Who are "they?" The RIAA/MPAA, or the file lockers?
Your statement only makes sense if "they" means the file lockers. Global recording industry profits in 2009 were $17 billion. I doubt that all the file lockers in the world put together could even approach that number by an order of magnitude, much less "a few less million."
And it would be a total and complete joke to say that the RIAA/MPAA "listen to what customers want and give it to them." If anyone is doing that, it's the file lockers. If they weren't, nobody would use file lockers at all.
The fact that the RIAA/MPAA clients refuse to listen to their customers, is one of the primary reasons people pirate (if not the primary reason).
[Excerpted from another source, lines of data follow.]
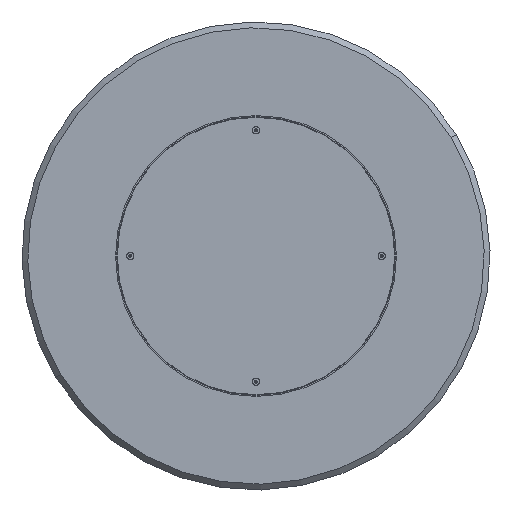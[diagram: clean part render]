
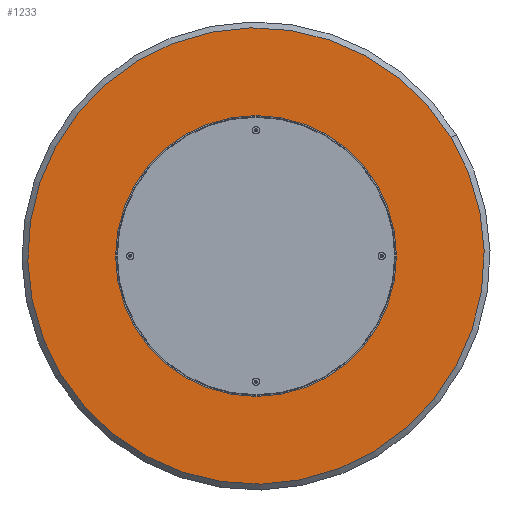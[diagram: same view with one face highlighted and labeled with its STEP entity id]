
A CAD part, front view. The second image highlights one B-rep face of the part: STEP entity #1233.
In plain terms, the highlighted planar face has unit normal (0, -1, 0).
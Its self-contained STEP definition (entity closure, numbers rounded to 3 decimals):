
#5 = CIRCLE ( 'NONE', #1264, 3.4 ) ;
#70 = VERTEX_POINT ( 'NONE', #1675 ) ;
#159 = FACE_BOUND ( 'NONE', #6159, .T. ) ;
#269 = CARTESIAN_POINT ( 'NONE',  ( -95., 0., -54.848 ) ) ;
#375 = DIRECTION ( 'NONE',  ( 0., -1., 0. ) ) ;
#523 = CIRCLE ( 'NONE', #3422, 3.4 ) ;
#731 = EDGE_CURVE ( 'NONE', #4906, #3873, #3300, .T. ) ;
#732 = DIRECTION ( 'NONE',  ( 0., 0., -1. ) ) ;
#759 = FACE_BOUND ( 'NONE', #5644, .T. ) ;
#806 = EDGE_CURVE ( 'NONE', #3262, #1880, #4434, .T. ) ;
#915 = EDGE_CURVE ( 'NONE', #3124, #2145, #523, .T. ) ;
#963 = ORIENTED_EDGE ( 'NONE', *, *, #5092, .F. ) ;
#1233 = ADVANCED_FACE ( 'NONE', ( #759, #159, #1501, #4544, #7019 ), #4623, .T. ) ;
#1264 = AXIS2_PLACEMENT_3D ( 'NONE', #1484, #5673, #5133 ) ;
#1484 = CARTESIAN_POINT ( 'NONE',  ( 0., 0., 0. ) ) ;
#1501 = FACE_BOUND ( 'NONE', #2239, .T. ) ;
#1522 = DIRECTION ( 'NONE',  ( 0., -1., 0. ) ) ;
#1545 = CIRCLE ( 'NONE', #5962, 3.4 ) ;
#1575 = ORIENTED_EDGE ( 'NONE', *, *, #2257, .F. ) ;
#1670 = CARTESIAN_POINT ( 'NONE',  ( 0., 0., 0. ) ) ;
#1675 = CARTESIAN_POINT ( 'NONE',  ( 0., 0., -3.4 ) ) ;
#1680 = AXIS2_PLACEMENT_3D ( 'NONE', #2781, #4415, #5718 ) ;
#1779 = DIRECTION ( 'NONE',  ( 0., -1., 0. ) ) ;
#1880 = VERTEX_POINT ( 'NONE', #5209 ) ;
#1951 = CARTESIAN_POINT ( 'NONE',  ( 0., 0., 109.697 ) ) ;
#2145 = VERTEX_POINT ( 'NONE', #5558 ) ;
#2239 = EDGE_LOOP ( 'NONE', ( #3254, #1575 ) ) ;
#2255 = ORIENTED_EDGE ( 'NONE', *, *, #3832, .T. ) ;
#2257 = EDGE_CURVE ( 'NONE', #3977, #3845, #1545, .T. ) ;
#2293 = EDGE_CURVE ( 'NONE', #2145, #3124, #4578, .T. ) ;
#2420 = CIRCLE ( 'NONE', #6836, 390. ) ;
#2470 = DIRECTION ( 'NONE',  ( 0., 0., -1. ) ) ;
#2622 = EDGE_CURVE ( 'NONE', #3845, #3977, #7533, .T. ) ;
#2638 = ORIENTED_EDGE ( 'NONE', *, *, #915, .F. ) ;
#2756 = AXIS2_PLACEMENT_3D ( 'NONE', #1951, #6165, #732 ) ;
#2781 = CARTESIAN_POINT ( 'NONE',  ( 0., 0., 0. ) ) ;
#3124 = VERTEX_POINT ( 'NONE', #6116 ) ;
#3254 = ORIENTED_EDGE ( 'NONE', *, *, #2622, .F. ) ;
#3261 = EDGE_LOOP ( 'NONE', ( #5763, #2255 ) ) ;
#3262 = VERTEX_POINT ( 'NONE', #6069 ) ;
#3300 = CIRCLE ( 'NONE', #3677, 3.4 ) ;
#3422 = AXIS2_PLACEMENT_3D ( 'NONE', #7684, #1779, #6011 ) ;
#3584 = CARTESIAN_POINT ( 'NONE',  ( -95., 0., -51.448 ) ) ;
#3677 = AXIS2_PLACEMENT_3D ( 'NONE', #7027, #5188, #4007 ) ;
#3777 = ORIENTED_EDGE ( 'NONE', *, *, #7415, .F. ) ;
#3832 = EDGE_CURVE ( 'NONE', #1880, #3262, #2420, .T. ) ;
#3845 = VERTEX_POINT ( 'NONE', #5672 ) ;
#3873 = VERTEX_POINT ( 'NONE', #3584 ) ;
#3899 = EDGE_LOOP ( 'NONE', ( #963, #7184 ) ) ;
#3977 = VERTEX_POINT ( 'NONE', #4139 ) ;
#3983 = DIRECTION ( 'NONE',  ( 0., -1., 0. ) ) ;
#4007 = DIRECTION ( 'NONE',  ( 0., 0., -1. ) ) ;
#4084 = DIRECTION ( 'NONE',  ( 0., 0., -1. ) ) ;
#4139 = CARTESIAN_POINT ( 'NONE',  ( 0., 0., 113.097 ) ) ;
#4291 = DIRECTION ( 'NONE',  ( 0., -1., 0. ) ) ;
#4415 = DIRECTION ( 'NONE',  ( 0., -1., 0. ) ) ;
#4434 = CIRCLE ( 'NONE', #5318, 390. ) ;
#4442 = AXIS2_PLACEMENT_3D ( 'NONE', #7602, #6876, #5115 ) ;
#4544 = FACE_BOUND ( 'NONE', #3899, .T. ) ;
#4553 = DIRECTION ( 'NONE',  ( 0., -1., 0. ) ) ;
#4578 = CIRCLE ( 'NONE', #5590, 3.4 ) ;
#4623 = PLANE ( 'NONE',  #4442 ) ;
#4753 = ORIENTED_EDGE ( 'NONE', *, *, #731, .F. ) ;
#4906 = VERTEX_POINT ( 'NONE', #7677 ) ;
#5092 = EDGE_CURVE ( 'NONE', #70, #5367, #5, .T. ) ;
#5115 = DIRECTION ( 'NONE',  ( 0., 0., -1. ) ) ;
#5133 = DIRECTION ( 'NONE',  ( 0., 0., -1. ) ) ;
#5188 = DIRECTION ( 'NONE',  ( 0., -1., 0. ) ) ;
#5209 = CARTESIAN_POINT ( 'NONE',  ( 0., 0., -390. ) ) ;
#5318 = AXIS2_PLACEMENT_3D ( 'NONE', #1670, #4553, #4084 ) ;
#5367 = VERTEX_POINT ( 'NONE', #5891 ) ;
#5487 = CARTESIAN_POINT ( 'NONE',  ( 0., 0., 109.697 ) ) ;
#5558 = CARTESIAN_POINT ( 'NONE',  ( 95., 0., -51.448 ) ) ;
#5590 = AXIS2_PLACEMENT_3D ( 'NONE', #6332, #3983, #6920 ) ;
#5644 = EDGE_LOOP ( 'NONE', ( #4753, #3777 ) ) ;
#5672 = CARTESIAN_POINT ( 'NONE',  ( 0., 0., 106.297 ) ) ;
#5673 = DIRECTION ( 'NONE',  ( 0., -1., 0. ) ) ;
#5718 = DIRECTION ( 'NONE',  ( 0., 0., -1. ) ) ;
#5763 = ORIENTED_EDGE ( 'NONE', *, *, #806, .T. ) ;
#5891 = CARTESIAN_POINT ( 'NONE',  ( 0., 0., 3.4 ) ) ;
#5962 = AXIS2_PLACEMENT_3D ( 'NONE', #5487, #4291, #2470 ) ;
#6011 = DIRECTION ( 'NONE',  ( 0., 0., -1. ) ) ;
#6069 = CARTESIAN_POINT ( 'NONE',  ( 0., 0., 390. ) ) ;
#6116 = CARTESIAN_POINT ( 'NONE',  ( 95., 0., -58.248 ) ) ;
#6159 = EDGE_LOOP ( 'NONE', ( #2638, #6545 ) ) ;
#6165 = DIRECTION ( 'NONE',  ( 0., -1., 0. ) ) ;
#6332 = CARTESIAN_POINT ( 'NONE',  ( 95., 0., -54.848 ) ) ;
#6460 = AXIS2_PLACEMENT_3D ( 'NONE', #269, #1522, #6969 ) ;
#6545 = ORIENTED_EDGE ( 'NONE', *, *, #2293, .F. ) ;
#6836 = AXIS2_PLACEMENT_3D ( 'NONE', #6888, #375, #7005 ) ;
#6876 = DIRECTION ( 'NONE',  ( 0., -1., 0. ) ) ;
#6888 = CARTESIAN_POINT ( 'NONE',  ( 0., 0., 0. ) ) ;
#6920 = DIRECTION ( 'NONE',  ( 0., 0., -1. ) ) ;
#6965 = CIRCLE ( 'NONE', #1680, 3.4 ) ;
#6969 = DIRECTION ( 'NONE',  ( 0., 0., -1. ) ) ;
#7005 = DIRECTION ( 'NONE',  ( 0., 0., -1. ) ) ;
#7019 = FACE_OUTER_BOUND ( 'NONE', #3261, .T. ) ;
#7027 = CARTESIAN_POINT ( 'NONE',  ( -95., 0., -54.848 ) ) ;
#7184 = ORIENTED_EDGE ( 'NONE', *, *, #7513, .F. ) ;
#7213 = CIRCLE ( 'NONE', #6460, 3.4 ) ;
#7415 = EDGE_CURVE ( 'NONE', #3873, #4906, #7213, .T. ) ;
#7513 = EDGE_CURVE ( 'NONE', #5367, #70, #6965, .T. ) ;
#7533 = CIRCLE ( 'NONE', #2756, 3.4 ) ;
#7602 = CARTESIAN_POINT ( 'NONE',  ( 0., 0., 0. ) ) ;
#7677 = CARTESIAN_POINT ( 'NONE',  ( -95., 0., -58.248 ) ) ;
#7684 = CARTESIAN_POINT ( 'NONE',  ( 95., 0., -54.848 ) ) ;

Furthermore, the notion that file lockers are "gatekeepers" can only be valid if the file lockers were the only way to get certain content, and if the only way to get specific content was from one file locker exclusively. None of that is true for file lockers; it is true for the RIAA/MPAA clients.
You keep whining about the gatekeepers, aren't these hosting services becoming the middlemen that you bitch and moan about?
A middleman is not necessarily a gatekeeper.
Let's take the traditional music model. Major labels were gatekeepers. Radio stations and record stores, by and large, were not. If you didn't like the advertisements on one radio station, you could tune into a different one and hear the same music. If you didn't like the prices at Tower Records, you could shop at Strawberry's.
On the other hand, if you weren't willing to pay what the label wanted, you couldn't go to another label and get the same music for a different price. (Not just price, either; you couldn't get it in a different format, or without DRM, etc.)
What makes someone a gatekeeper is if they have a monopoly on a certain product or service. The labels did, because they are copyright holders, and copyright is a monopoly.
Now, even so, many of the radio stations and record stores did act kind of like gatekeepers, in that they had agreements that no music that was not on a major label would be played or sold. This was easier to overcome with record stores, because if there was a demand for indie music, someone could open up a record store that catered to that crowd. (Indeed, there were plenty that did; here in Boston, we had at least a dozen, and even Midwestern college towns had at least one or two.)
Radio is a bit different, because the spectrum is regulated by the government, and there simply isn't enough bandwidth to allow more than a dozen or so stations in any one area. This, combined with the agreements (read: payola) stations had with the labels, made the labels and stations gatekeepers. Effectively, the major labels held a monopoly on the airwaves.
Thank goodness it's not like that anymore.
Are there examples of websites that encourage people to post large video files that are subsequently downloaded in volume by the masses where the content is NOT infringing?
You mean like Vodo, Clearbits, or Archive.org?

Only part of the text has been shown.